— The problem —
Omit all pictures. Print the remaining lines exactly, from the start of the data through the line containing "import ezdxf".

---

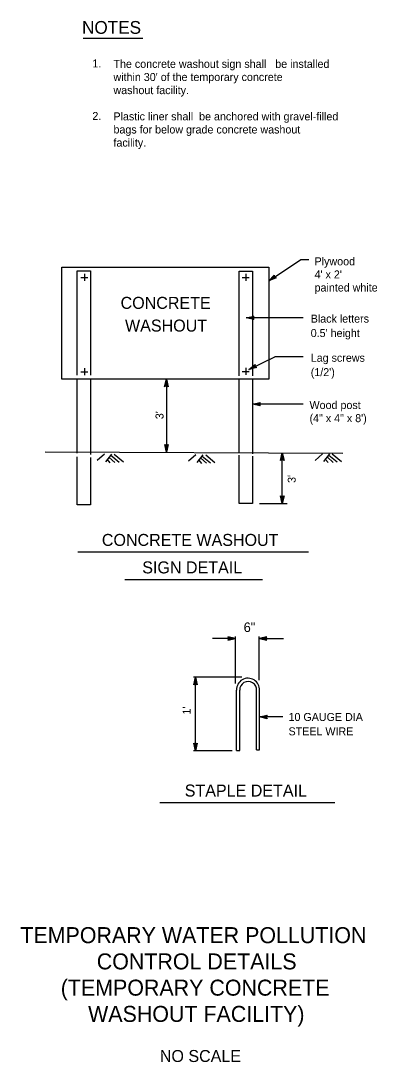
# Model space of a CAD drawing. Extents: x 6708826 to 6711089, y 1868571 to 1869537.
# Drawn here: x 6709948 to 6710215, y 1868584 to 1869365 of the extents above; entities that cross this region are included whole.
import ezdxf

# ---------------------------------------------------------------- set-up
doc = ezdxf.new("R2010")
doc.units = 0
for name, color, linetype in [('10 Sheet Formats', 7, 'Continuous'), ('56 Stg 3 Anno', 7, 'Continuous'), ('57 Undefined', 7, 'Continuous'), ('59 Soundwall Ann', 7, 'Continuous'), ('60 Nongeo Data', 7, 'Continuous')]:
    doc.layers.add(name, color=color, linetype=linetype)

msp = doc.modelspace()

# ---------------------------------------------------------------- linework, layer by layer
at = {"layer": '56 Stg 3 Anno'}
for p, q in [((6710133.73, 1869170.39), (6710157.57, 1869186.15)), ((6710163.81, 1869186.15), (6710157.57, 1869186.15)), ((6710133.73, 1869170.39), (6710137.84, 1869174.63)), ((6710139.25, 1869172.5), (6710133.73, 1869170.39)), ((6710133.73, 1869170.39), (6710133.73, 1869170.39)), ((6710138.89, 1869172.67), (6710134.84, 1869171.12)), ((6710134.85, 1869171.13), (6710137.84, 1869174.22)), ((6710135.95, 1869171.85), (6710137.88, 1869173.85)), ((6710138.51, 1869172.83), (6710135.95, 1869171.85)), ((6710137.05, 1869172.58), (6710137.88, 1869173.44)), ((6710138.18, 1869173.01), (6710137.05, 1869172.58)), ((6710137.84, 1869174.63), (6710137.84, 1869174.63)), ((6710137.84, 1869174.63), (6710137.9, 1869173.15)), ((6710137.9, 1869173.15), (6710139.25, 1869172.5)), ((6710139.25, 1869172.5), (6710139.25, 1869172.5)), ((6710116.73, 1869142.56), (6710122.49, 1869143.84)), ((6710159.65, 1869142.56), (6710116.73, 1869142.56)), ((6710122.49, 1869141.28), (6710116.73, 1869142.56)), ((6710116.73, 1869142.56), (6710116.73, 1869142.56)), ((6710122.28, 1869141.62), (6710118.05, 1869142.56)), ((6710118.06, 1869142.57), (6710122.26, 1869143.49)), ((6710119.38, 1869142.56), (6710122.09, 1869143.16)), ((6710122.06, 1869141.96), (6710119.38, 1869142.56)), ((6710120.71, 1869142.56), (6710121.87, 1869142.82)), ((6710121.89, 1869142.3), (6710120.71, 1869142.56)), ((6710122.49, 1869143.84), (6710121.72, 1869142.56)), ((6710121.72, 1869142.56), (6710122.49, 1869141.28)), ((6710122.49, 1869143.84), (6710122.49, 1869143.84)), ((6710122.49, 1869141.28), (6710122.49, 1869141.28)), ((6710118.81, 1869103.85), (6710138.25, 1869113.25)), ((6710159.65, 1869113.22), (6710138.26, 1869113.22)), ((6710118.81, 1869103.85), (6710123.44, 1869107.5)), ((6710124.55, 1869105.2), (6710118.81, 1869103.85)), ((6710124.22, 1869105.41), (6710120, 1869104.42)), ((6710120.01, 1869104.43), (6710123.38, 1869107.1)), ((6710121.2, 1869105), (6710123.38, 1869106.72)), ((6710123.87, 1869105.63), (6710121.2, 1869105)), ((6710122.39, 1869105.58), (6710123.32, 1869106.31)), ((6710123.57, 1869105.85), (6710122.39, 1869105.58)), ((6710123.44, 1869107.5), (6710123.3, 1869106.02)), ((6710123.3, 1869106.02), (6710124.55, 1869105.2)), ((6710123.44, 1869107.5), (6710123.44, 1869107.5)), ((6710124.55, 1869105.2), (6710124.55, 1869105.2)), ((6710118.81, 1869103.85), (6710118.81, 1869103.85)), ((6710055.69, 1869090.93), (6710056.98, 1869096.69)), ((6710056.98, 1869091.7), (6710055.69, 1869090.93)), ((6710055.69, 1869090.93), (6710055.69, 1869090.93)), ((6710056.04, 1869091.14), (6710056.98, 1869095.37)), ((6710056.38, 1869091.36), (6710056.98, 1869094.04)), ((6710056.71, 1869091.53), (6710056.98, 1869092.71)), ((6710056.98, 1869096.69), (6710056.98, 1869041.71)), ((6710056.98, 1869096.69), (6710056.98, 1869096.69)), ((6710056.98, 1869096.69), (6710058.26, 1869090.93)), ((6710056.98, 1869095.36), (6710057.91, 1869091.16)), ((6710056.98, 1869094.04), (6710057.58, 1869091.33)), ((6710056.98, 1869092.71), (6710057.23, 1869091.55)), ((6710058.26, 1869090.93), (6710056.98, 1869091.7)), ((6710058.26, 1869090.93), (6710058.26, 1869090.93)), ((6710121.49, 1869077.77), (6710127.25, 1869079.05)), ((6710159.65, 1869077.77), (6710121.49, 1869077.77)), ((6710127.25, 1869076.49), (6710121.49, 1869077.77)), ((6710121.49, 1869077.77), (6710121.49, 1869077.77)), ((6710127.05, 1869076.83), (6710122.82, 1869077.77)), ((6710122.83, 1869077.78), (6710127.03, 1869078.7)), ((6710124.15, 1869077.77), (6710126.86, 1869078.37)), ((6710126.82, 1869077.17), (6710124.15, 1869077.77)), ((6710125.47, 1869077.77), (6710126.63, 1869078.03)), ((6710126.65, 1869077.51), (6710125.47, 1869077.77)), ((6710127.25, 1869079.05), (6710126.49, 1869077.77)), ((6710126.49, 1869077.77), (6710127.25, 1869076.49)), ((6710127.25, 1869079.05), (6710127.25, 1869079.05)), ((6710127.25, 1869076.49), (6710127.25, 1869076.49)), ((6710056.98, 1869041.71), (6710055.7, 1869047.47)), ((6710055.7, 1869047.47), (6710055.7, 1869047.47)), ((6710055.7, 1869047.47), (6710056.98, 1869046.7)), ((6710056.98, 1869043.05), (6710056.05, 1869047.25)), ((6710056.98, 1869044.36), (6710056.38, 1869047.08)), ((6710056.98, 1869045.69), (6710056.73, 1869046.85)), ((6710056.98, 1869046.7), (6710058.27, 1869047.47)), ((6710058.27, 1869047.47), (6710056.98, 1869041.71)), ((6710057.92, 1869047.26), (6710056.98, 1869043.04)), ((6710057.58, 1869047.04), (6710056.98, 1869044.36)), ((6710057.25, 1869046.87), (6710056.98, 1869045.69)), ((6710058.27, 1869047.47), (6710058.27, 1869047.47)), ((6710056.98, 1869041.71), (6710056.98, 1869041.71)), ((6710142.62, 1869035.55), (6710143.91, 1869041.31)), ((6710143.91, 1869036.32), (6710142.62, 1869035.55)), ((6710142.62, 1869035.55), (6710142.62, 1869035.55)), ((6710142.97, 1869035.76), (6710143.91, 1869039.99)), ((6710143.31, 1869035.98), (6710143.91, 1869038.66)), ((6710143.64, 1869036.15), (6710143.91, 1869037.33)), ((6710143.91, 1869003.4), (6710143.91, 1869041.31)), ((6710143.91, 1869041.31), (6710143.91, 1869041.31)), ((6710143.91, 1869041.31), (6710145.19, 1869035.55)), ((6710143.91, 1869039.97), (6710144.84, 1869035.78)), ((6710143.91, 1869038.66), (6710144.51, 1869035.95)), ((6710143.91, 1869037.33), (6710144.17, 1869036.17)), ((6710145.19, 1869035.55), (6710143.91, 1869036.32)), ((6710145.19, 1869035.55), (6710145.19, 1869035.55)), ((6710143.91, 1869003.4), (6710142.63, 1869009.16)), ((6710142.63, 1869009.16), (6710142.63, 1869009.16)), ((6710142.63, 1869009.16), (6710143.91, 1869008.39)), ((6710143.91, 1869003.4), (6710142.63, 1869009.16)), ((6710142.63, 1869009.16), (6710142.63, 1869009.16)), ((6710142.63, 1869009.16), (6710143.91, 1869008.39)), ((6710143.91, 1869004.73), (6710142.98, 1869008.93)), ((6710143.91, 1869004.73), (6710142.98, 1869008.93)), ((6710143.91, 1869006.05), (6710143.31, 1869008.76)), ((6710143.91, 1869006.05), (6710143.31, 1869008.76)), ((6710143.91, 1869007.38), (6710143.66, 1869008.54)), ((6710143.91, 1869007.38), (6710143.66, 1869008.54)), ((6710143.91, 1869008.39), (6710145.2, 1869009.16)), ((6710145.2, 1869009.16), (6710143.91, 1869003.4)), ((6710143.91, 1869008.39), (6710145.2, 1869009.16)), ((6710145.2, 1869009.16), (6710143.91, 1869003.4)), ((6710144.86, 1869008.95), (6710143.91, 1869004.72)), ((6710144.86, 1869008.95), (6710143.91, 1869004.72)), ((6710144.51, 1869008.72), (6710143.91, 1869006.05)), ((6710144.51, 1869008.72), (6710143.91, 1869006.05)), ((6710144.18, 1869008.56), (6710143.91, 1869007.38)), ((6710144.18, 1869008.56), (6710143.91, 1869007.38)), ((6710145.2, 1869009.16), (6710145.2, 1869009.16)), ((6710145.2, 1869009.16), (6710145.2, 1869009.16)), ((6710126.68, 1869003.4), (6710147.56, 1869003.4)), ((6710143.91, 1869003.4), (6710143.91, 1869003.4)), ((6710143.91, 1869003.4), (6710143.91, 1869003.4)), ((6710108.82, 1868902.09), (6710103.06, 1868903.37)), ((6710103.06, 1868903.37), (6710103.06, 1868903.37)), ((6710103.06, 1868903.37), (6710103.82, 1868902.09)), ((6710107.48, 1868902.09), (6710103.28, 1868903.02)), ((6710106.16, 1868902.09), (6710103.45, 1868902.69)), ((6710104.84, 1868902.09), (6710103.68, 1868902.34)), ((6710108.82, 1868868.32), (6710108.82, 1868903.53)), ((6710126.53, 1868870.94), (6710126.53, 1868903.53)), ((6710132.3, 1868903.37), (6710126.54, 1868902.09)), ((6710132.09, 1868903.03), (6710127.86, 1868902.09)), ((6710131.87, 1868902.69), (6710129.19, 1868902.09)), ((6710131.7, 1868902.36), (6710130.52, 1868902.09)), ((6710131.53, 1868902.09), (6710132.3, 1868903.37)), ((6710132.3, 1868903.37), (6710132.3, 1868903.37)), ((6710108.74, 1868902.09), (6710091.5, 1868902.09)), ((6710103.82, 1868902.09), (6710103.06, 1868900.8)), ((6710103.06, 1868900.8), (6710108.82, 1868902.09)), ((6710103.06, 1868900.8), (6710103.06, 1868900.8)), ((6710103.26, 1868901.14), (6710107.49, 1868902.09)), ((6710103.49, 1868901.49), (6710106.16, 1868902.09)), ((6710103.66, 1868901.82), (6710104.84, 1868902.09)), ((6710108.82, 1868902.09), (6710108.82, 1868902.09)), ((6710126.54, 1868902.09), (6710126.54, 1868902.09)), ((6710126.54, 1868902.09), (6710132.3, 1868900.81)), ((6710126.97, 1868902.09), (6710144.68, 1868902.09)), ((6710127.87, 1868902.09), (6710132.07, 1868901.16)), ((6710129.19, 1868902.09), (6710131.9, 1868901.49)), ((6710130.52, 1868902.09), (6710131.68, 1868901.83)), ((6710132.3, 1868900.81), (6710131.53, 1868902.09)), ((6710132.3, 1868900.81), (6710132.3, 1868900.81)), ((6710113.47, 1868872.99), (6710077.34, 1868872.99)), ((6710077.5, 1868867.23), (6710078.78, 1868872.99)), ((6710077.84, 1868867.44), (6710078.78, 1868871.67)), ((6710078.78, 1868817.93), (6710078.78, 1868872.99)), ((6710078.78, 1868872.99), (6710078.78, 1868872.99)), ((6710078.78, 1868872.99), (6710080.06, 1868867.23)), ((6710078.79, 1868871.66), (6710079.71, 1868867.46)), ((6710078.78, 1868868), (6710077.5, 1868867.23)), ((6710077.5, 1868867.23), (6710077.5, 1868867.23)), ((6710078.18, 1868867.67), (6710078.78, 1868870.34)), ((6710078.52, 1868867.84), (6710078.78, 1868869.02)), ((6710078.78, 1868870.34), (6710079.38, 1868867.63)), ((6710078.78, 1868869.02), (6710079.04, 1868867.86)), ((6710080.06, 1868867.23), (6710078.78, 1868868)), ((6710080.06, 1868867.23), (6710080.06, 1868867.23)), ((6710126.74, 1868843.26), (6710132.5, 1868844.54)), ((6710144.29, 1868843.26), (6710126.74, 1868843.26)), ((6710132.5, 1868841.97), (6710126.74, 1868843.26)), ((6710126.74, 1868843.26), (6710126.74, 1868843.26)), ((6710132.29, 1868842.32), (6710128.06, 1868843.26)), ((6710128.07, 1868843.26), (6710132.27, 1868844.19)), ((6710129.39, 1868843.26), (6710132.1, 1868843.86)), ((6710132.07, 1868842.66), (6710129.39, 1868843.26)), ((6710130.72, 1868843.26), (6710131.88, 1868843.52)), ((6710131.9, 1868842.99), (6710130.72, 1868843.26)), ((6710132.5, 1868844.54), (6710131.73, 1868843.26)), ((6710131.73, 1868843.26), (6710132.5, 1868841.97)), ((6710132.5, 1868844.54), (6710132.5, 1868844.54)), ((6710132.5, 1868841.97), (6710132.5, 1868841.97)), ((6710106.29, 1868817.93), (6710077.34, 1868817.93)), ((6710078.78, 1868817.93), (6710077.51, 1868823.69)), ((6710077.51, 1868823.69), (6710077.51, 1868823.69)), ((6710077.51, 1868823.69), (6710078.78, 1868822.93)), ((6710078.78, 1868819.27), (6710077.85, 1868823.47)), ((6710078.78, 1868820.59), (6710078.18, 1868823.3)), ((6710078.79, 1868821.91), (6710078.53, 1868823.07)), ((6710078.78, 1868822.93), (6710080.07, 1868823.69)), ((6710080.07, 1868823.69), (6710078.78, 1868817.93)), ((6710079.73, 1868823.49), (6710078.78, 1868819.26)), ((6710079.38, 1868823.26), (6710078.78, 1868820.59)), ((6710078.78, 1868817.93), (6710078.78, 1868817.93)), ((6710079.05, 1868823.09), (6710078.79, 1868821.91)), ((6710080.07, 1868823.69), (6710080.07, 1868823.69))]:
    msp.add_line(p, q, dxfattribs=at)
at = {"layer": '57 Undefined'}
for p, q in [((6709994.69, 1869352.32), (6710039.45, 1869352.32)), ((6709990.51, 1868967.03), (6710163.59, 1868967.03)), ((6710025.88, 1868946.43), (6710129.09, 1868946.43)), ((6710052.16, 1868779.09), (6710183.28, 1868779.09))]:
    msp.add_line(p, q, dxfattribs=at)
at = {"layer": '59 Soundwall Ann'}
for p, q in [((6710010.6, 1869040.37), (6710005.12, 1869035.5)), ((6710015.79, 1869040.33), (6710011.27, 1869034.59)), ((6710012.71, 1869036.24), (6710014.69, 1869033.81)), ((6710014.21, 1869037.89), (6710018.44, 1869034.04)), ((6710015.34, 1869039.47), (6710021.53, 1869034.38)), ((6710017.9, 1869040.31), (6710024.82, 1869034.61)), ((6710079.17, 1869039.84), (6710073.69, 1869034.96)), ((6710084.36, 1869039.8), (6710079.85, 1869034.05)), ((6710081.29, 1869035.7), (6710083.27, 1869033.27)), ((6710082.79, 1869037.35), (6710087.01, 1869033.51)), ((6710083.92, 1869038.94), (6710090.11, 1869033.84)), ((6710086.47, 1869039.78), (6710093.4, 1869034.08)), ((6710174.06, 1869040.52), (6710168.58, 1869035.64)), ((6710179.26, 1869040.48), (6710174.74, 1869034.73)), ((6710176.18, 1869036.38), (6710178.16, 1869033.95)), ((6710177.68, 1869038.03), (6710181.91, 1869034.18)), ((6710178.81, 1869039.62), (6710185, 1869034.52)), ((6710181.37, 1869040.46), (6710188.29, 1869034.76))]:
    msp.add_line(p, q, dxfattribs=at)
at = {"layer": '60 Nongeo Data'}
for p, q in [((6709995.56, 1869175.56), (6709995.56, 1869170.28)), ((6710116.57, 1869175.56), (6710116.57, 1869170.28)), ((6709992.77, 1869172.78), (6709998.06, 1869172.78)), ((6710113.79, 1869172.78), (6710119.08, 1869172.78)), ((6709992.77, 1869101.96), (6709998.06, 1869101.96)), ((6709995.56, 1869104.74), (6709995.56, 1869099.46)), ((6710113.79, 1869102.24), (6710119.08, 1869102.24)), ((6710116.57, 1869105.01), (6710116.57, 1869099.74)), ((6709966.19, 1869042.1), (6710189.37, 1869041.15)), ((6710109.61, 1868818.08), (6710109.61, 1868863.41)), ((6710111.97, 1868818.08), (6710111.97, 1868863.27)), ((6710124.65, 1868818.52), (6710124.65, 1868863.11)), ((6710126.74, 1868818.52), (6710126.74, 1868863.2)), ((6710109.61, 1868818.08), (6710111.97, 1868818.08)), ((6710124.65, 1868818.52), (6710126.74, 1868818.52))]:
    msp.add_line(p, q, dxfattribs=at)
msp.add_lwpolyline([(6709978.52, 1869180.56), (6710133.73, 1869180.56), (6710133.73, 1869096.69), (6709978.52, 1869096.69)], close=True, dxfattribs=at)
for points in [[(6709990.2, 1869099.47), (6709990.2, 1869177.78), (6710000.22, 1869177.78), (6710000.22, 1869099.47)], [(6710111.48, 1869099.19), (6710111.48, 1869177.5), (6710121.49, 1869177.5), (6710121.49, 1869099.19)], [(6709990.2, 1869041.15), (6709990.2, 1869096.13)], [(6710000.22, 1869096.13), (6710000.22, 1869040.04)], [(6710111.48, 1869041.71), (6710111.48, 1869096.69)], [(6710121.49, 1869096.69), (6710121.49, 1869040.6)], [(6710000.22, 1869037.82), (6710000.22, 1869002.27), (6709990.2, 1869002.27), (6709990.2, 1869038.37)], [(6710121.49, 1869038.93), (6710121.49, 1869003.38), (6710111.48, 1869003.38), (6710111.48, 1869039.48)]]:
    msp.add_lwpolyline(points, dxfattribs=at)
for centre, major_axis in [((6710118.18, 1868863.72), (0, -8.58)), ((6710118.31, 1868863.5), (0, -6.35))]:
    msp.add_ellipse(centre, major_axis=major_axis, ratio=0.999991, start_param=1.510257, end_param=4.748244, dxfattribs=at)

# ---------------------------------------------------------------- texts
at = {"layer": '10 Sheet Formats'}
for s, height, p in [('TEMPORARY WATER POLLUTION', 12, (6709947.5, 1868673.63)), ('CONTROL DETAILS', 12, (6710004.8, 1868653.95)), ('(TEMPORARY CONCRETE', 12, (6709977.78, 1868634.27)), ('WASHOUT FACILITY)', 12, (6709998.29, 1868614.59)), ('NO SCALE', 9, (6710052.09, 1868584.51))]:
    msp.add_text(s, height=height, dxfattribs=at).set_placement(p)
at = {"layer": '57 Undefined'}
for s, height, p in [('NOTES', 9.6, (6709993.76, 1869355.54)), ('1.', 6, (6710001.5, 1869330.32)), ('The concrete washout sign shall   be installed ', 6, (6710017.31, 1869329.99)), ("within 30' of the temporary concrete ", 6, (6710017.31, 1869320.15)), ('washout facility.', 6, (6710017.31, 1869310.31)), ('2.', 6, (6710001.5, 1869290.96)), ('Plastic liner shall  be anchored with gravel-filled ', 6, (6710017.31, 1869290.63)), ('bags for below grade concrete washout ', 6, (6710017.31, 1869280.79)), ('facility.', 6, (6710017.31, 1869270.95)), ('Plywood', 6, (6710168.09, 1869181.95)), ("4' x 2'", 6, (6710168.09, 1869172.11)), ('painted white', 6, (6710168.09, 1869162.27)), ('Black letters', 6, (6710165.2, 1869138.96)), ("0.5' height", 6, (6710165.2, 1869128.16)), ('Lag screws', 6, (6710165.23, 1869109.62)), ("(1/2')", 6, (6710165.23, 1869098.82)), ('Wood post', 6, (6710164.31, 1869074.17)), ('(4" x 4" x 8\')', 6, (6710164.31, 1869064.33)), ('CONCRETE WASHOUT', 9, (6710008.62, 1868971.51)), ('SIGN DETAIL', 9, (6710038.89, 1868950.91)), ('6" ', 7.2, (6710114.91, 1868906.94)), ('10 GAUGE DIA', 6, (6710148.57, 1868840.25)), ('STEEL WIRE', 6, (6710148.57, 1868829.45)), ('STAPLE DETAIL', 9, (6710070.74, 1868783.57))]:
    msp.add_text(s, height=height, dxfattribs=at).set_placement(p)
for s, p in [("3'", (6710054.84, 1869066.53)), ("3'", (6710153.95, 1869018.75)), ("1' ", (6710075.21, 1868845.08))]:
    msp.add_text(s, height=6, rotation=90, dxfattribs=at).set_placement(p)
at = {"layer": '60 Nongeo Data'}
for s, p in [('CONCRETE', (6710022.66, 1869149.29)), ('WASHOUT', (6710025.98, 1869132.24))]:
    msp.add_text(s, height=9, dxfattribs=at).set_placement(p)

doc.saveas('drawing.dxf')

---

— Result below —
# Model space of a CAD drawing. Extents: x 6708826 to 6711089, y 1868571 to 1869537.
# Drawn here: x 6709948 to 6710215, y 1868584 to 1869365 of the extents above; entities that cross this region are included whole.
import ezdxf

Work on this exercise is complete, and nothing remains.